Your assignment:
Print the material below exactly as it stands, please, from its first line to the line holding "#12960=CARTESIAN_POINT('',(17.743,-15.493,-58.));", with no pictures.

Top of Data for review

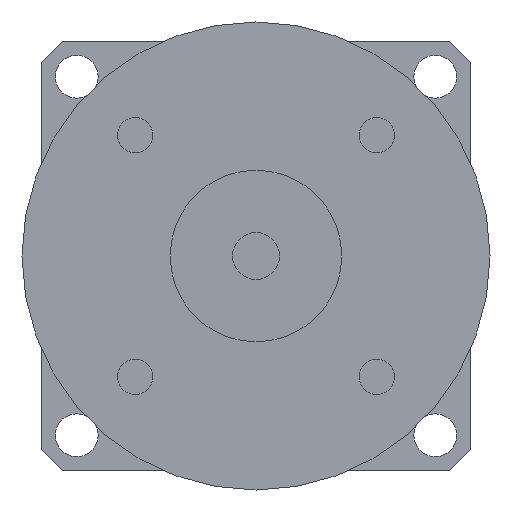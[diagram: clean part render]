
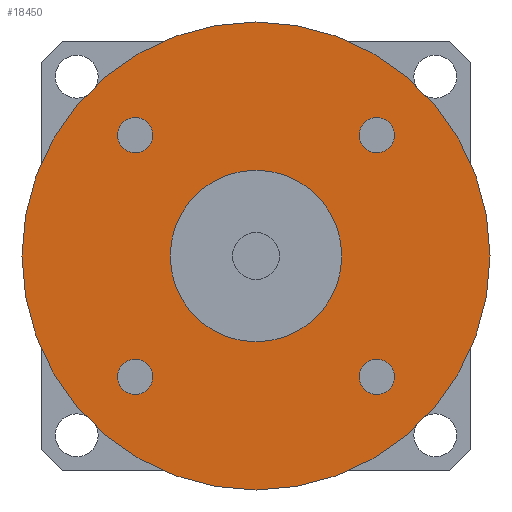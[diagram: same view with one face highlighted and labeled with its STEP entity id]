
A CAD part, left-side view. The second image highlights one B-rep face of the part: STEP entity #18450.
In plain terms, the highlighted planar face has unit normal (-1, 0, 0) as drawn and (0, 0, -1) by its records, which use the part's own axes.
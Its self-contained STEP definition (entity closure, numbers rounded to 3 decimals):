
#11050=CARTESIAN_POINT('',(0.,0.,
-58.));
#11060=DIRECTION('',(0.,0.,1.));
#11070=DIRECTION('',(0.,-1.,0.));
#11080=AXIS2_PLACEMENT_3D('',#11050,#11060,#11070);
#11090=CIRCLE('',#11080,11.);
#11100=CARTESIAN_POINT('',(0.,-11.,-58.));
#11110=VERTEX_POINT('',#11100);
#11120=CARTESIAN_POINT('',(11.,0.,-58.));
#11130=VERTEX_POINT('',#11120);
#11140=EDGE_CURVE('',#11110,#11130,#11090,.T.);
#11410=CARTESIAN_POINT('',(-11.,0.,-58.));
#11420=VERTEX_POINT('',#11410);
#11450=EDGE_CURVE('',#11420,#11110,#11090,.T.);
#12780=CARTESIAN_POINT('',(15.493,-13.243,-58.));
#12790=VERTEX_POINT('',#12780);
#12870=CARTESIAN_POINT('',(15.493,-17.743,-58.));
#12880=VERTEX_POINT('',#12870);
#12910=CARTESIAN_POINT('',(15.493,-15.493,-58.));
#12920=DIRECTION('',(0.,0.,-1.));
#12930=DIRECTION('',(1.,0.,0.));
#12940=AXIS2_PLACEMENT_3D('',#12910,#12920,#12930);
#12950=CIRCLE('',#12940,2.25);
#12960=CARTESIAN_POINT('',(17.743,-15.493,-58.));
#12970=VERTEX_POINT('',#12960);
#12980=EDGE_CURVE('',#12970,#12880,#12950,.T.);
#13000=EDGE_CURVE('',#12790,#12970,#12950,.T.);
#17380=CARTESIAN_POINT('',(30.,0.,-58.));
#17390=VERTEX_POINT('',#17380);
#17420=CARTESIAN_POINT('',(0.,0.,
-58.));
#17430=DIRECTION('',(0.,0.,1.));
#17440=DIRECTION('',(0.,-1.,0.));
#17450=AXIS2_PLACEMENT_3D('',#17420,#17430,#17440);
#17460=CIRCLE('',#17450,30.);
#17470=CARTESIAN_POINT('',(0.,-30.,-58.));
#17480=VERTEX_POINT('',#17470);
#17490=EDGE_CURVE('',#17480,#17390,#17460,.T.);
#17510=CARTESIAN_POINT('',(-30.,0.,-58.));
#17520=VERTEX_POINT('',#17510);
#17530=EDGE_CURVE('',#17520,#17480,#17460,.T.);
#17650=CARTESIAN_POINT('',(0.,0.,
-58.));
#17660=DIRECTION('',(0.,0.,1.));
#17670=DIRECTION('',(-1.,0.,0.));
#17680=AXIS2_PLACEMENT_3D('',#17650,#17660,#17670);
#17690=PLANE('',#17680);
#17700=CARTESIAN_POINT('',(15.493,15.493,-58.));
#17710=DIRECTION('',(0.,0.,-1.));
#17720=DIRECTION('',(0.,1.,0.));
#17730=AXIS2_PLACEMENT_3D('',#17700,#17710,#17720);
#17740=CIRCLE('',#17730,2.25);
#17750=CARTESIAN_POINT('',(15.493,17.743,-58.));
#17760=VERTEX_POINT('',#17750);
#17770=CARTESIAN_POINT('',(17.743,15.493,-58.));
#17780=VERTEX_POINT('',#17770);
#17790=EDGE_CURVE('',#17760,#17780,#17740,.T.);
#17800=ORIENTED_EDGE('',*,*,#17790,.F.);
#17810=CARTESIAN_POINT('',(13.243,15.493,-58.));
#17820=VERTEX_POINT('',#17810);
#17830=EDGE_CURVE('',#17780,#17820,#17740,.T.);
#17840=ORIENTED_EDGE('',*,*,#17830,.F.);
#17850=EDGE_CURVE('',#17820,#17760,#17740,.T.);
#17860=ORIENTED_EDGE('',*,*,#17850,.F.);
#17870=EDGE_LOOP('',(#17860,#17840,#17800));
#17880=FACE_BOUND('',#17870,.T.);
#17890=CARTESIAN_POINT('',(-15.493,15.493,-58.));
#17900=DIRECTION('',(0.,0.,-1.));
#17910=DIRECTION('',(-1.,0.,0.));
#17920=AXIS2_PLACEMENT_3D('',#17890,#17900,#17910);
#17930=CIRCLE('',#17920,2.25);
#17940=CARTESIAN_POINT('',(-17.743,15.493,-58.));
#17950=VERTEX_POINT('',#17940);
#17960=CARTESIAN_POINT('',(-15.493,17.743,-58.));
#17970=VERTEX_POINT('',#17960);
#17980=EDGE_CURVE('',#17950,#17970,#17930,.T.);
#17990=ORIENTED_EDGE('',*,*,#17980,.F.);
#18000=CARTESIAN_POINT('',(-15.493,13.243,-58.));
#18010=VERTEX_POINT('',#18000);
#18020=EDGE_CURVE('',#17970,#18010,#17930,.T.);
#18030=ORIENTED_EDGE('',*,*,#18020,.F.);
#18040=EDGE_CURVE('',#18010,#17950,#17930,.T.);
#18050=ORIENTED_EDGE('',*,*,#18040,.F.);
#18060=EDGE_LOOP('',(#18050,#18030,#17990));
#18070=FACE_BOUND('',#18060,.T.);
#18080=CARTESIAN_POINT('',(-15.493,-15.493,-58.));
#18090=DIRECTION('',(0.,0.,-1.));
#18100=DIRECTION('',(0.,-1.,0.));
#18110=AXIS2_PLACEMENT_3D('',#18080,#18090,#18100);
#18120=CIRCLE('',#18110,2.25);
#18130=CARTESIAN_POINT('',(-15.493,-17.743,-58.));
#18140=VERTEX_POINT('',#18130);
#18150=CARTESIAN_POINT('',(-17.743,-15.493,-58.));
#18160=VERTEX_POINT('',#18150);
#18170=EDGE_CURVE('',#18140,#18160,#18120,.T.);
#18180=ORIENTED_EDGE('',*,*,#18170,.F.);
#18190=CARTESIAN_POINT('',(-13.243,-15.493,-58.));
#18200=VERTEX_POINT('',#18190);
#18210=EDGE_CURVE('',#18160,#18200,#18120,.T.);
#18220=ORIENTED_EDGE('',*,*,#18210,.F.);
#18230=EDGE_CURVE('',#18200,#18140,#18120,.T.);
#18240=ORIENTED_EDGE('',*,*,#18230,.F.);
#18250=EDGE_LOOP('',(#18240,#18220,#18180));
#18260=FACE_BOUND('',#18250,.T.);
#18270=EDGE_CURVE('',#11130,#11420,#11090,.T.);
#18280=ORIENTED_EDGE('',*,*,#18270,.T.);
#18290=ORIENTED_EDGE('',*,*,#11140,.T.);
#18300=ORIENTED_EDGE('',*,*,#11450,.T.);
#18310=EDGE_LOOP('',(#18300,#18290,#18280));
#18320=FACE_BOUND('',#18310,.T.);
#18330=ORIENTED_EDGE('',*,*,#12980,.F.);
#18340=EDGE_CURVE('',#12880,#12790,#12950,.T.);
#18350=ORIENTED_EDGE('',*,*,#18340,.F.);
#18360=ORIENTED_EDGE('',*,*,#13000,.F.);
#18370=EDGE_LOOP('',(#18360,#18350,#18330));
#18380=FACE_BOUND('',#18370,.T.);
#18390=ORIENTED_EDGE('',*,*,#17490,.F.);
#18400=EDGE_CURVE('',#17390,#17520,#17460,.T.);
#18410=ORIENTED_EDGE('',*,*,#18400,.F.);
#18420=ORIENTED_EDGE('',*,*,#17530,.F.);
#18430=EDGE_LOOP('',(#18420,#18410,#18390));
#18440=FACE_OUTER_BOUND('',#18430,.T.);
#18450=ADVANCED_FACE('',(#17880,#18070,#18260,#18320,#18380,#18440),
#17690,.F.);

Bottom of Data for review

Output:
[diagram: clean part render]
[diagram: same view with one face highlighted and labeled with its STEP entity id]
A CAD part, left-side view. The second image highlights one B-rep face of the part: STEP entity #18450.
In plain terms, the highlighted planar face has unit normal (-1, 0, 0) as drawn and (0, 0, -1) by its records, which use the part's own axes.
Its self-contained STEP definition (entity closure, numbers rounded to 3 decimals):
#11050=CARTESIAN_POINT('',(0.,0.,
-58.));
#11060=DIRECTION('',(0.,0.,1.));
#11070=DIRECTION('',(0.,-1.,0.));
#11080=AXIS2_PLACEMENT_3D('',#11050,#11060,#11070);
#11090=CIRCLE('',#11080,11.);
#11100=CARTESIAN_POINT('',(0.,-11.,-58.));
#11110=VERTEX_POINT('',#11100);
#11120=CARTESIAN_POINT('',(11.,0.,-58.));
#11130=VERTEX_POINT('',#11120);
#11140=EDGE_CURVE('',#11110,#11130,#11090,.T.);
#11410=CARTESIAN_POINT('',(-11.,0.,-58.));
#11420=VERTEX_POINT('',#11410);
#11450=EDGE_CURVE('',#11420,#11110,#11090,.T.);
#12780=CARTESIAN_POINT('',(15.493,-13.243,-58.));
#12790=VERTEX_POINT('',#12780);
#12870=CARTESIAN_POINT('',(15.493,-17.743,-58.));
#12880=VERTEX_POINT('',#12870);
#12910=CARTESIAN_POINT('',(15.493,-15.493,-58.));
#12920=DIRECTION('',(0.,0.,-1.));
#12930=DIRECTION('',(1.,0.,0.));
#12940=AXIS2_PLACEMENT_3D('',#12910,#12920,#12930);
#12950=CIRCLE('',#12940,2.25);
#12960=CARTESIAN_POINT('',(17.743,-15.493,-58.));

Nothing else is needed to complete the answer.